Instructions to follow:
Within these entries, which lines include the string "linetype"? Copy each one.

Information shown:
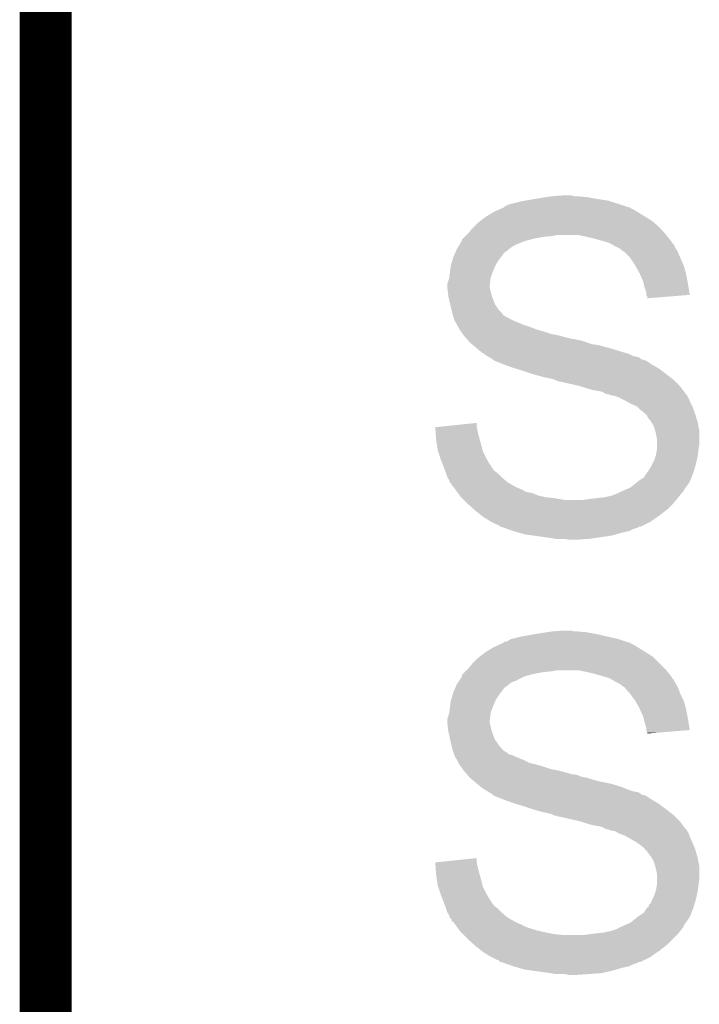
# Model space of a CAD drawing. Extents: x -0.05 to 0.95, y -0.15 to 1.54.
# Tile 28 of 44: x -0.053 to 0.0255, y 1.2266 to 1.3404. Entities that reach past the tile are written whole.
import ezdxf

# ---------------------------------------------------------------- set-up
doc = ezdxf.new("R2010")
doc.units = 0
doc.layers.add('HOD_CAP_2_CLICK_V101_GKO', color=5, linetype='CONTINUOUS')
doc.layers.add('HOD_CAP_2_CLICK_V101_GTO', color=14, linetype='CONTINUOUS')

msp = doc.modelspace()

# ---------------------------------------------------------------- linework, layer by layer
at = {"layer": 'HOD_CAP_2_CLICK_V101_GKO', "const_width": 0.006}
msp.add_lwpolyline([(-0.05, -0.15), (-0.05, 1.45)], dxfattribs=at)
at = {"layer": 'HOD_CAP_2_CLICK_V101_GTO'}
for points in [[(0.0085, 1.32), (0.0099, 1.3201), (0.011, 1.32), (0.0107, 1.3201)], [(0.0099, 1.3201), (0.0099, 1.3201), (0.0107, 1.3201), (0.0099, 1.3201)], [(0.003, 1.3188), (0.0034, 1.319), (0.0171, 1.3188), (0.0165, 1.319)], [(0.0034, 1.319), (0.0037, 1.3191), (0.0165, 1.319), (0.0162, 1.3191)], [(0.0037, 1.3191), (0.0049, 1.3194), (0.0162, 1.3191), (0.01523, 1.3194)], [(0.0049, 1.3194), (0.00545, 1.3195), (0.01523, 1.3194), (0.0149, 1.3195)], [(0.00545, 1.3195), (0.006, 1.3196), (0.0149, 1.3195), (0.01425, 1.3196)], [(0.006, 1.3196), (0.0066, 1.3197), (0.01425, 1.3196), (0.0136, 1.3197)], [(0.0066, 1.3197), (0.0072, 1.3198), (0.0136, 1.3197), (0.01305, 1.3198)], [(0.0072, 1.3198), (0.00785, 1.3199), (0.01305, 1.3198), (0.0125, 1.3199)], [(0.00785, 1.3199), (0.0085, 1.32), (0.0125, 1.3199), (0.0114, 1.32)], [(0.0008, 1.3176), (0.00163, 1.3181), (0.0193, 1.3176), (0.0185, 1.3181)], [(0.00163, 1.3181), (0.0018, 1.3182), (0.0185, 1.3181), (0.01833, 1.3182)], [(0.0018, 1.3182), (0.00224, 1.3184), (0.01833, 1.3182), (0.018, 1.3184)], [(0.00224, 1.3184), (0.00268, 1.3186), (0.018, 1.3184), (0.0176, 1.3186)], [(0.00268, 1.3186), (0.0029, 1.3187), (0.0176, 1.3186), (0.0175, 1.3187)], [(0.0029, 1.3187), (0.003, 1.3188), (0.0174, 1.3187), (0.0171, 1.3188)], [(0.0029, 1.3187), (0.0029, 1.3187), (0.0175, 1.3187), (0.0174, 1.3187)], [(-0.0006, 1.3164), (-0.0001, 1.3169), (0.0209, 1.3164), (0.02033, 1.3169)], [(-0.0001, 1.3169), (0.00016, 1.3171), (0.02033, 1.3169), (0.0201, 1.3171)], [(0.00016, 1.3171), (0.0008, 1.3176), (0.0201, 1.3171), (0.0193, 1.3176)], [(-0.0014, 1.3155), (-0.0012, 1.3157), (0.0217, 1.3155), (0.02152, 1.3157)], [(-0.0012, 1.3157), (-0.0007, 1.3163), (0.02152, 1.3157), (0.02099, 1.3163)], [(-0.0007, 1.3163), (-0.0006, 1.3164), (0.02099, 1.3163), (0.0209, 1.3164)], [(-0.0022, 1.3144), (-0.00196, 1.3148), (0.0043, 1.3144), (0.0053, 1.3148)], [(-0.00196, 1.3148), (-0.0019, 1.3149), (0.0053, 1.3148), (0.00567, 1.3149)], [(-0.0019, 1.315), (-0.0018, 1.3151), (0.00603, 1.315), (0.0064, 1.3151)], [(-0.0019, 1.3149), (-0.0019, 1.315), (0.00567, 1.3149), (0.00603, 1.315)], [(-0.0018, 1.3151), (-0.0016, 1.3153), (0.0064, 1.3151), (0.0075, 1.3153)], [(-0.0016, 1.3153), (-0.0015, 1.3154), (0.0075, 1.3153), (0.0085, 1.3154)], [(-0.0015, 1.3154), (-0.0014, 1.3155), (0.0085, 1.3154), (0.009, 1.3155)], [(0.013, 1.3152), (0.0116, 1.3155), (0.02193, 1.3152), (0.0217, 1.3155)], [(0.0141, 1.3149), (0.013, 1.3152), (0.02217, 1.3149), (0.02193, 1.3152)], [(0.0151, 1.3146), (0.0141, 1.3149), (0.0224, 1.3146), (0.02217, 1.3149)], [(0.01528, 1.3145), (0.0151, 1.3146), (0.0224, 1.3145), (0.0224, 1.3146)], [(0.0158, 1.3142), (0.01528, 1.3145), (0.02265, 1.3142), (0.0225, 1.3145)], [(0.01528, 1.3145), (0.01528, 1.3145), (0.0225, 1.3145), (0.0224, 1.3145)], [(-0.0029, 1.313), (-0.00268, 1.3135), (0.00263, 1.313), (0.003, 1.3135)], [(-0.00268, 1.3135), (-0.00259, 1.3137), (0.003, 1.3135), (0.0033, 1.3137)], [(-0.00259, 1.3137), (-0.00254, 1.3138), (0.0033, 1.3137), (0.0034, 1.3138)], [(-0.00254, 1.3138), (-0.0025, 1.3139), (0.0034, 1.3138), (0.00353, 1.3139)], [(-0.0025, 1.3139), (-0.00238, 1.3141), (0.00353, 1.3139), (0.0038, 1.3141)], [(-0.00238, 1.3141), (-0.0022, 1.3144), (0.0038, 1.3141), (0.0043, 1.3144)], [(0.016, 1.3141), (0.0158, 1.3142), (0.0227, 1.3141), (0.02265, 1.3142)], [(0.0164, 1.3139), (0.016, 1.3141), (0.02282, 1.3139), (0.0227, 1.3141)], [(0.0166, 1.3137), (0.0164, 1.3139), (0.02294, 1.3137), (0.02282, 1.3139)], [(0.0168, 1.3136), (0.0166, 1.3137), (0.023, 1.3136), (0.02294, 1.3137)], [(0.0175, 1.3129), (0.0168, 1.3136), (0.0233, 1.3129), (0.023, 1.3136)], [(-0.00317, 1.3121), (-0.00299, 1.3127), (0.002, 1.3121), (0.0024, 1.3127)], [(-0.00299, 1.3127), (-0.0029, 1.313), (0.0024, 1.3127), (0.00263, 1.313)], [(0.0181, 1.312), (0.0175, 1.3129), (0.0237, 1.312), (0.0233, 1.3129)], [(-0.00339, 1.3106), (-0.0033, 1.3112), (0.0014, 1.3106), (0.00162, 1.3112)], [(-0.0033, 1.3112), (-0.00328, 1.3114), (0.00162, 1.3112), (0.0017, 1.3114)], [(-0.00328, 1.3114), (-0.0032, 1.312), (0.0017, 1.3114), (0.00196, 1.312)], [(-0.0032, 1.312), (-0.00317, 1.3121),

Answer to the problem:
doc.layers.add('HOD_CAP_2_CLICK_V101_GKO', color=5, linetype='CONTINUOUS')
doc.layers.add('HOD_CAP_2_CLICK_V101_GTO', color=14, linetype='CONTINUOUS')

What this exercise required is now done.